フランスの個性派ピアニスト、深みのある初のオリジナル・ソロピアノ集
現代的な嗅覚と、独創的かつ豊かな叙情性を湛えたピアニズムで2010年のトリオ作『On Air』などで人気を博すフランスのピアニスト、ベンジャミン・モウゼイ(Benjamin Moussay)の新作『Promontoire』は全編ソロピアノでECMからのリリース。これまでもヨーロッパを代表するサックス/クラリネット奏者であるルイ・スクラヴィス(Louis Sclavis)諸作への参加でECMと関わってきたベンジャミン・モウゼイが、初めてECMからリーダー作をしかもソロでリリースした形だ。
これまでの彼のリーダー作では前衛的な面も見せつつリリカルなピアノが特長だったが、ソロとなった今作は全体的に自身の内面に深く沈み込んだような深みのある演奏がとても印象的。
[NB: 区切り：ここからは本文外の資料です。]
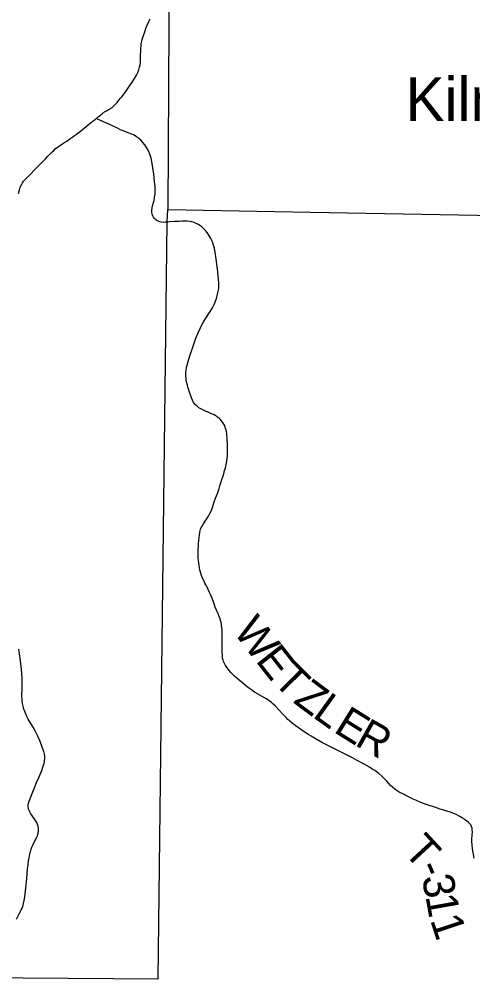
# Model space of a CAD drawing. Extents: x -10.5 to 40.6, y -3.2 to 22.
# Drawn here: x -8.513 to -7.693, y 16.022 to 17.758 of the extents above; entities that cross this region are included whole.
import ezdxf

# ---------------------------------------------------------------- set-up
doc = ezdxf.new("R2010")
doc.units = 0
for name, color, linetype in [('GM_X_Township_Road', 7, 'Continuous'), ('GM_X_Township_Road_Text', 7, 'Continuous'), ('GM_X_Township_Text', 7, 'Continuous'), ('GM_X_Unincorporated_Text', 7, 'Continuous')]:
    doc.layers.add(name, color=color, linetype=linetype)

msp = doc.modelspace()

# ---------------------------------------------------------------- linework, layer by layer
at = {"layer": 'GM_X_Township_Road'}
for points in [[(-8.3738, 17.5778), (-8.3721, 17.5792), (-8.3693, 17.5815), (-8.3667, 17.5837), (-8.3646, 17.5855), (-8.3632, 17.5867), (-8.3612, 17.5881), (-8.36, 17.589), (-8.3588, 17.5898), (-8.3573, 17.5907), (-8.3553, 17.5919), (-8.353, 17.5932), (-8.3509, 17.5944), (-8.3491, 17.5954), (-8.347, 17.5967), (-8.345, 17.5982), (-8.3435, 17.5994), (-8.3417, 17.601), (-8.34, 17.6026), (-8.3382, 17.6045), (-8.3359, 17.6069), (-8.3325, 17.611), (-8.3296, 17.6145), (-8.327, 17.6178), (-8.3235, 17.6223), (-8.3203, 17.6267), (-8.3165, 17.632), (-8.3128, 17.6374), (-8.3085, 17.6438), (-8.3043, 17.6504), (-8.3024, 17.6533), (-8.3009, 17.6563), (-8.2995, 17.6587), (-8.2984, 17.6613), (-8.2966, 17.6659), (-8.2952, 17.6707), (-8.2944, 17.675), (-8.2938, 17.6799), (-8.2934, 17.6892), (-8.293, 17.704), (-8.2925, 17.7103), (-8.2922, 17.7128), (-8.2918, 17.7154), (-8.2913, 17.7176), (-8.2906, 17.7206), (-8.2894, 17.7243), (-8.2882, 17.7284), (-8.2866, 17.7332), (-8.2846, 17.739), (-8.2832, 17.7427), (-8.2815, 17.7469), (-8.2788, 17.7532), (-8.2763, 17.7584)], [(-8.5142, 17.4423), (-8.5125, 17.4489), (-8.511, 17.4536), (-8.509, 17.4582), (-8.5068, 17.4619), (-8.505, 17.4644), (-8.5034, 17.4663), (-8.501, 17.4691), (-8.494, 17.4762), (-8.484, 17.4863), (-8.4726, 17.4978), (-8.4652, 17.5053), (-8.4609, 17.5097), (-8.4545, 17.5165), (-8.4505, 17.5204), (-8.4478, 17.5229), (-8.4434, 17.5264), (-8.4384, 17.5299), (-8.4324, 17.5338), (-8.427, 17.5373), (-8.4198, 17.5422), (-8.4157, 17.5451), (-8.4127, 17.5473), (-8.4092, 17.5498), (-8.4023, 17.5551), (-8.3883, 17.5663), (-8.379, 17.5736), (-8.3757, 17.5762), (-8.3738, 17.5778)], [(-8.2439, 17.3907), (-8.2449, 17.3906), (-8.249, 17.3903), (-8.2527, 17.3902), (-8.2558, 17.3905), (-8.2589, 17.3912), (-8.2618, 17.3922), (-8.264, 17.3934), (-8.2665, 17.3952), (-8.2682, 17.397), (-8.27, 17.3995), (-8.2713, 17.4023), (-8.2722, 17.4053), (-8.2728, 17.4089), (-8.2729, 17.412), (-8.2726, 17.4157), (-8.2717, 17.42), (-8.2691, 17.4296), (-8.268, 17.4356), (-8.2673, 17.4412), (-8.267, 17.4473), (-8.2672, 17.4548), (-8.268, 17.4634), (-8.2697, 17.4775), (-8.2715, 17.4891), (-8.2732, 17.5002), (-8.2745, 17.5062), (-8.2761, 17.5116), (-8.2778, 17.5163), (-8.2799, 17.5208), (-8.2827, 17.5256), (-8.2858, 17.5303), (-8.2893, 17.5346), (-8.2931, 17.5387), (-8.2967, 17.542), (-8.2987, 17.5435), (-8.3007, 17.545), (-8.3049, 17.5476), (-8.3093, 17.5497), (-8.3156, 17.5522), (-8.3232, 17.5549), (-8.3266, 17.5563), (-8.33, 17.5578), (-8.3364, 17.5609), (-8.3432, 17.564), (-8.3511, 17.5676), (-8.3661, 17.5743), (-8.3738, 17.5778)], [(-7.6902, 16.2404), (-7.693, 16.2574), (-7.6938, 16.2647), (-7.6942, 16.2702), (-7.6942, 16.2751), (-7.6938, 16.2819), (-7.6934, 16.2881), (-7.6935, 16.2919), (-7.694, 16.2949), (-7.695, 16.2979), (-7.6964, 16.3006), (-7.6983, 16.3031), (-7.7005, 16.3052), (-7.7039, 16.3078), (-7.7068, 16.31), (-7.7083, 16.311), (-7.7119, 16.3133), (-7.713, 16.314), (-7.7162, 16.3159), (-7.7228, 16.3193), (-7.7285, 16.3218), (-7.7331, 16.3234), (-7.7378, 16.325), (-7.7473, 16.3279), (-7.7514, 16.3292), (-7.7567, 16.331), (-7.765, 16.3337), (-7.7696, 16.3353), (-7.7714, 16.3359), (-7.7767, 16.3377), (-7.7866, 16.3413), (-7.7947, 16.3445), (-7.8003, 16.347), (-7.8104, 16.3519), (-7.8148, 16.3542), (-7.817, 16.3553), (-7.8258, 16.3601), (-7.8295, 16.3623), (-7.8336, 16.365), (-7.8379, 16.3686), (-7.8414, 16.372), (-7.8447, 16.3757), (-7.8484, 16.3799), (-7.8518, 16.3835), (-7.8572, 16.3887), (-7.8628, 16.3935), (-7.8673, 16.3969), (-7.8698, 16.3987), (-7.8744, 16.4017), (-7.8797, 16.4049), (-7.8888, 16.4102), (-7.903, 16.4179), (-7.9112, 16.4223), (-7.9211, 16.4274), (-7.9244, 16.4291), (-7.9283, 16.431), (-7.9366, 16.4352), (-7.9394, 16.4365), (-7.9449, 16.4393), (-7.956, 16.4448), (-7.9643, 16.4491), (-7.9757, 16.4555), (-7.9847, 16.4609), (-7.989, 16.4635), (-7.9937, 16.4665), (-8.0035, 16.473), (-8.0136, 16.4802), (-8.0195, 16.4848), (-8.0242, 16.4888), (-8.0269, 16.4913), (-8.0304, 16.4948), (-8.0371, 16.5021), (-8.043, 16.5084), (-8.0495, 16.5151), (-8.054, 16.5193), (-8.0568, 16.5217), (-8.0607, 16.5248), (-8.0659, 16.5283), (-8.0696, 16.5305), (-8.0776, 16.5352), (-8.0819, 16.5377), (-8.0872, 16.5409), (-8.0929, 16.5447), (-8.0984, 16.5487), (-8.1038, 16.5528), (-8.1086, 16.5567), (-8.1152, 16.5623), (-8.1235, 16.5697), (-8.1297, 16.5758), (-8.1334, 16.58), (-8.1368, 16.5844), (-8.1399, 16.5891), (-8.1421, 16.5935), (-8.1433, 16.596), (-8.144, 16.5983), (-8.1447, 16.6006), (-8.1452, 16.6033), (-8.1455, 16.606), (-8.1459, 16.614), (-8.146, 16.627), (-8.1456, 16.6418), (-8.1458, 16.6499), (-8.1461, 16.6537), (-8.1464, 16.6573), (-8.1468, 16.6605), (-8.1473, 16.6636), (-8.148, 16.6668), (-8.1489, 16.6701), (-8.1497, 16.6731), (-8.1513, 16.6772), (-8.1534, 16.6823), (-8.1563, 16.6892), (-8.1583, 16.6944), (-8.1597, 16.6987), (-8.1616, 16.7043), (-8.1635, 16.7089), (-8.165, 16.7128), (-8.1671, 16.7174), (-8.1692, 16.7219), (-8.1713, 16.7264), (-8.1732, 16.7303), (-8.1756, 16.7346), (-8.1771, 16.738), (-8.1793, 16.7424), (-8.1812, 16.7469), (-8.183, 16.7518), (-8.1849, 16.7578), (-8.186, 16.7618), (-8.1869, 16.7657), (-8.1877, 16.7701), (-8.1882, 16.7741), (-8.1888, 16.7791), (-8.1891, 16.7832), (-8.1893, 16.7886), (-8.1892, 16.793), (-8.189, 16.7983), (-8.1886, 16.8047), (-8.1884, 16.8092), (-8.1881, 16.8142), (-8.1876, 16.8201), (-8.187, 16.8252), (-8.1864, 16.8293), (-8.1857, 16.8329), (-8.1849, 16.8355), (-8.1837, 16.8382), (-8.1823, 16.8409), (-8.1797, 16.8451), (-8.1778, 16.8483), (-8.1753, 16.8518), (-8.173, 16.8554), (-8.1706, 16.859), (-8.1681, 16.8635), (-8.1659, 16.8681), (-8.1647, 16.8711), (-8.1636, 16.8746), (-8.1623, 16.8787), (-8.1609, 16.8831), (-8.1578, 16.8912), (-8.1546, 16.8999), (-8.1534, 16.9034), (-8.1516, 16.9087), (-8.1499, 16.914), (-8.1475, 16.921), (-8.1462, 16.9253), (-8.1448, 16.93), (-8.143, 16.9355), (-8.1415, 16.9413), (-8.1401, 16.9462), (-8.1387, 16.9522), (-8.1375, 16.9586), (-8.1369, 16.9631), (-8.1365, 16.9685), (-8.1362, 16.9747), (-8.1361, 16.9802), (-8.1362, 16.9865), (-8.1368, 16.9995), (-8.1375, 17.0075), (-8.1383, 17.0124), (-8.1396, 17.0172), (-8.1403, 17.0196), (-8.1412, 17.0219), (-8.1419, 17.0234), (-8.1428, 17.0253), (-8.1439, 17.027), (-8.1451, 17.0289), (-8.1475, 17.0318), (-8.1492, 17.0336), (-8.151, 17.0353), (-8.1526, 17.0367), (-8.1544, 17.038), (-8.1564, 17.0395), (-8.1585, 17.0407), (-8.1618, 17.0425), (-8.164, 17.0436), (-8.1673, 17.0452), (-8.169, 17.0459), (-8.1724, 17.0473), (-8.1736, 17.0478), (-8.1775, 17.0495), (-8.1835, 17.0525), (-8.1878, 17.0551), (-8.1913, 17.0577), (-8.194, 17.0602), (-8.1952, 17.0615), (-8.1964, 17.0631), (-8.1981, 17.0657), (-8.1988, 17.067), (-8.1996, 17.0685), (-8.2013, 17.073), (-8.2025, 17.0766), (-8.2041, 17.0812), (-8.2054, 17.0847), (-8.2069, 17.0894), (-8.2078, 17.0923), (-8.2088, 17.0959), (-8.2098, 17.0994), (-8.2103, 17.1024), (-8.2108, 17.1057), (-8.2112, 17.1093), (-8.2113, 17.1122), (-8.2114, 17.1151), (-8.2114, 17.1188), (-8.2108, 17.1237), (-8.2102, 17.1274), (-8.2095, 17.1304), (-8.2084, 17.1346), (-8.2073, 17.1388), (-8.2043, 17.1489), (-8.1992, 17.1643), (-8.1933, 17.1806), (-8.1894, 17.1904), (-8.1859, 17.1984), (-8.1831, 17.2039), (-8.18, 17.2093), (-8.1764, 17.2151), (-8.1673, 17.229), (-8.1635, 17.2354), (-8.1604, 17.2415), (-8.1578, 17.2478), (-8.1563, 17.2526), (-8.1541, 17.2603), (-8.1529, 17.2658), (-8.1522, 17.2707), (-8.1519, 17.275), (-8.152, 17.28), (-8.1524, 17.2874), (-8.1532, 17.2948), (-8.1535, 17.2978), (-8.1539, 17.3009), (-8.1551, 17.3095), (-8.1564, 17.3193), (-8.1573, 17.3279), (-8.1578, 17.3328), (-8.1589, 17.3395), (-8.1598, 17.3438), (-8.1614, 17.3491), (-8.1636, 17.3549), (-8.1665, 17.3611), (-8.1699, 17.3671), (-8.1729, 17.3717), (-8.176, 17.3757), (-8.1794, 17.3793), (-8.1826, 17.3822), (-8.1861, 17.3848), (-8.1888, 17.3864), (-8.1927, 17.3883), (-8.1965, 17.3898), (-8.2007, 17.391), (-8.205, 17.3918), (-8.2094, 17.3923), (-8.2138, 17.3922), (-8.2187, 17.3922), (-8.2237, 17.3919), (-8.2323, 17.3915), (-8.241, 17.3909), (-8.2439, 17.3907)], [(-8.518, 16.1299), (-8.5122, 16.1409), (-8.509, 16.1476), (-8.5066, 16.1533), (-8.5049, 16.1586), (-8.5037, 16.1641), (-8.5026, 16.1708), (-8.5007, 16.1868), (-8.4993, 16.2039), (-8.4977, 16.2209), (-8.4969, 16.2287), (-8.496, 16.2359), (-8.4952, 16.2409), (-8.4946, 16.2449), (-8.494, 16.2473), (-8.4935, 16.2497), (-8.4928, 16.2521), (-8.4921, 16.2545), (-8.4911, 16.2572), (-8.4899, 16.2603), (-8.4885, 16.2637), (-8.4869, 16.267), (-8.4812, 16.2786), (-8.4801, 16.2811), (-8.4794, 16.2831), (-8.4788, 16.2849), (-8.4784, 16.2867), (-8.4781, 16.2886), (-8.478, 16.2904), (-8.4779, 16.2919), (-8.478, 16.2935), (-8.4781, 16.2951), (-8.4784, 16.2965), (-8.4787, 16.298), (-8.4791, 16.2995), (-8.4799, 16.3015), (-8.4805, 16.303), (-8.4813, 16.3048), (-8.4825, 16.3068), (-8.4858, 16.3119), (-8.4921, 16.3209), (-8.4939, 16.3241), (-8.4953, 16.3276), (-8.4961, 16.3305), (-8.4965, 16.3336), (-8.4965, 16.3366), (-8.496, 16.3397), (-8.4947, 16.3438), (-8.4909, 16.3543), (-8.486, 16.3662), (-8.4815, 16.3773), (-8.4777, 16.3865), (-8.4723, 16.399), (-8.4694, 16.4066), (-8.4679, 16.4119), (-8.467, 16.4162), (-8.4666, 16.4205), (-8.4668, 16.4243), (-8.4674, 16.4285), (-8.4687, 16.4334), (-8.4712, 16.441), (-8.4752, 16.4513), (-8.4793, 16.4609), (-8.4828, 16.4682), (-8.4861, 16.4742), (-8.4965, 16.4918), (-8.4997, 16.4979), (-8.5024, 16.5042), (-8.5045, 16.51), (-8.5059, 16.5154), (-8.5069, 16.5203), (-8.5076, 16.5265), (-8.5079, 16.5339), (-8.5077, 16.5476), (-8.5078, 16.5656), (-8.5083, 16.5742), (-8.509, 16.5823), (-8.5106, 16.5971), (-8.5117, 16.6057), (-8.5136, 16.6186)]]:
    msp.add_lwpolyline(points, dxfattribs=at)
at = {"layer": 'GM_X_Township_Text'}
for points in [[(-10.5445, 19.4241), (-9.8621, 19.4152), (-9.3297, 19.4093), (-9.2736, 19.4089), (-9.2734, 18.9532), (-9.2666, 18.9242), (-9.2573, 18.7823), (-9.2552, 18.7211), (-9.2586, 18.705), (-9.2677, 18.6789), (-9.2756, 18.3974), (-9.1719, 18.3965), (-8.6421, 18.3977), (-8.2403, 18.3894), (-8.2411, 17.9704), (-8.2441, 17.4134), (-7.9861, 17.4086), (-7.6509, 17.4026), (-7.3241, 17.3974), (-6.9004, 17.4016), (-6.4692, 17.3961), (-6.192, 17.3965), (-6.1874, 16.891), (-6.062, 16.8858)], [(-10.5445, 19.4241), (-10.5445, 16.0741), (-10.3151, 16.0685), (-10.1031, 16.0664), (-9.5534, 16.0497), (-8.7017, 16.0275), (-8.5879, 16.0247), (-8.2615, 16.0223), (-8.2451, 17.3912), (-8.2441, 17.4134)]]:
    msp.add_lwpolyline(points, dxfattribs=at)

# ---------------------------------------------------------------- texts
at = {"layer": 'GM_X_Township_Road_Text'}
for s, rotation, p in [('W', 307.5312, (-8.1274, 16.6503)), ('E', 308.1791, (-8.0868, 16.5975)), ('T', 314.735, (-8.0559, 16.5589)), ('Z', 323.387, (-8.0191, 16.5227)), ('L', 324.2306, (-7.9842, 16.4968)), ('E', 328.1119, (-7.9463, 16.4696)), ('R', 330.5625, (-7.908, 16.4458)), ('T', 312.7782, (-7.8199, 16.2512)), ('-', 294.0719, (-7.7937, 16.2241)), ('3', 281.2446, (-7.7852, 16.206)), ('1', 280.0167, (-7.7784, 16.1719)), ('1', 288.2116, (-7.7702, 16.1289))]:
    msp.add_text(s, height=0.0568, rotation=rotation, dxfattribs=at).set_placement(p)
at = {"layer": 'GM_X_Unincorporated_Text'}
msp.add_text('Kilmer', height=0.07898, rotation=0, dxfattribs=at).set_placement((-7.8141, 17.5735))

doc.saveas('drawing.dxf')

(1)「127」はアメリカ合衆国の登山家、アーロン・リー・ラルストンが遭遇した壮絶な事故に関する伝記映画『127時間』にインスパイアされたもの。悲壮感の漂う曲調が続くが、耐え難き時間を耐え、生きることへの執念をついに失わなかった強い精神力で、ラストは一筋の希望を見つけるような展開となっており心を動かされる(ベンジャミン・モウゼイ自身もアウトドア派らしい)。
アルバム表題曲である(2)「Promontoire」、そして(3)「Horses」と孤独に向き合うような曲調が続き、(4)「Don’t Look Down」ではついにその不安が激しく表出したような演奏になっている。
ある人は、このアルバムに収められた音楽から美しいヨーロッパ映画を想起するかもしれない。
事実、3曲ほどはエミール・ゾラの小説『ナナ』を原作とした1926年のサイレント映画『女優ナナ』のために書かれたものらしい。
全てベンジャミン・モウゼイ作曲による12曲。
彼のこれまでの作品のイメージから上澄みを掬い、その奥底にある人間の深みに触れることができる素敵な作品だ。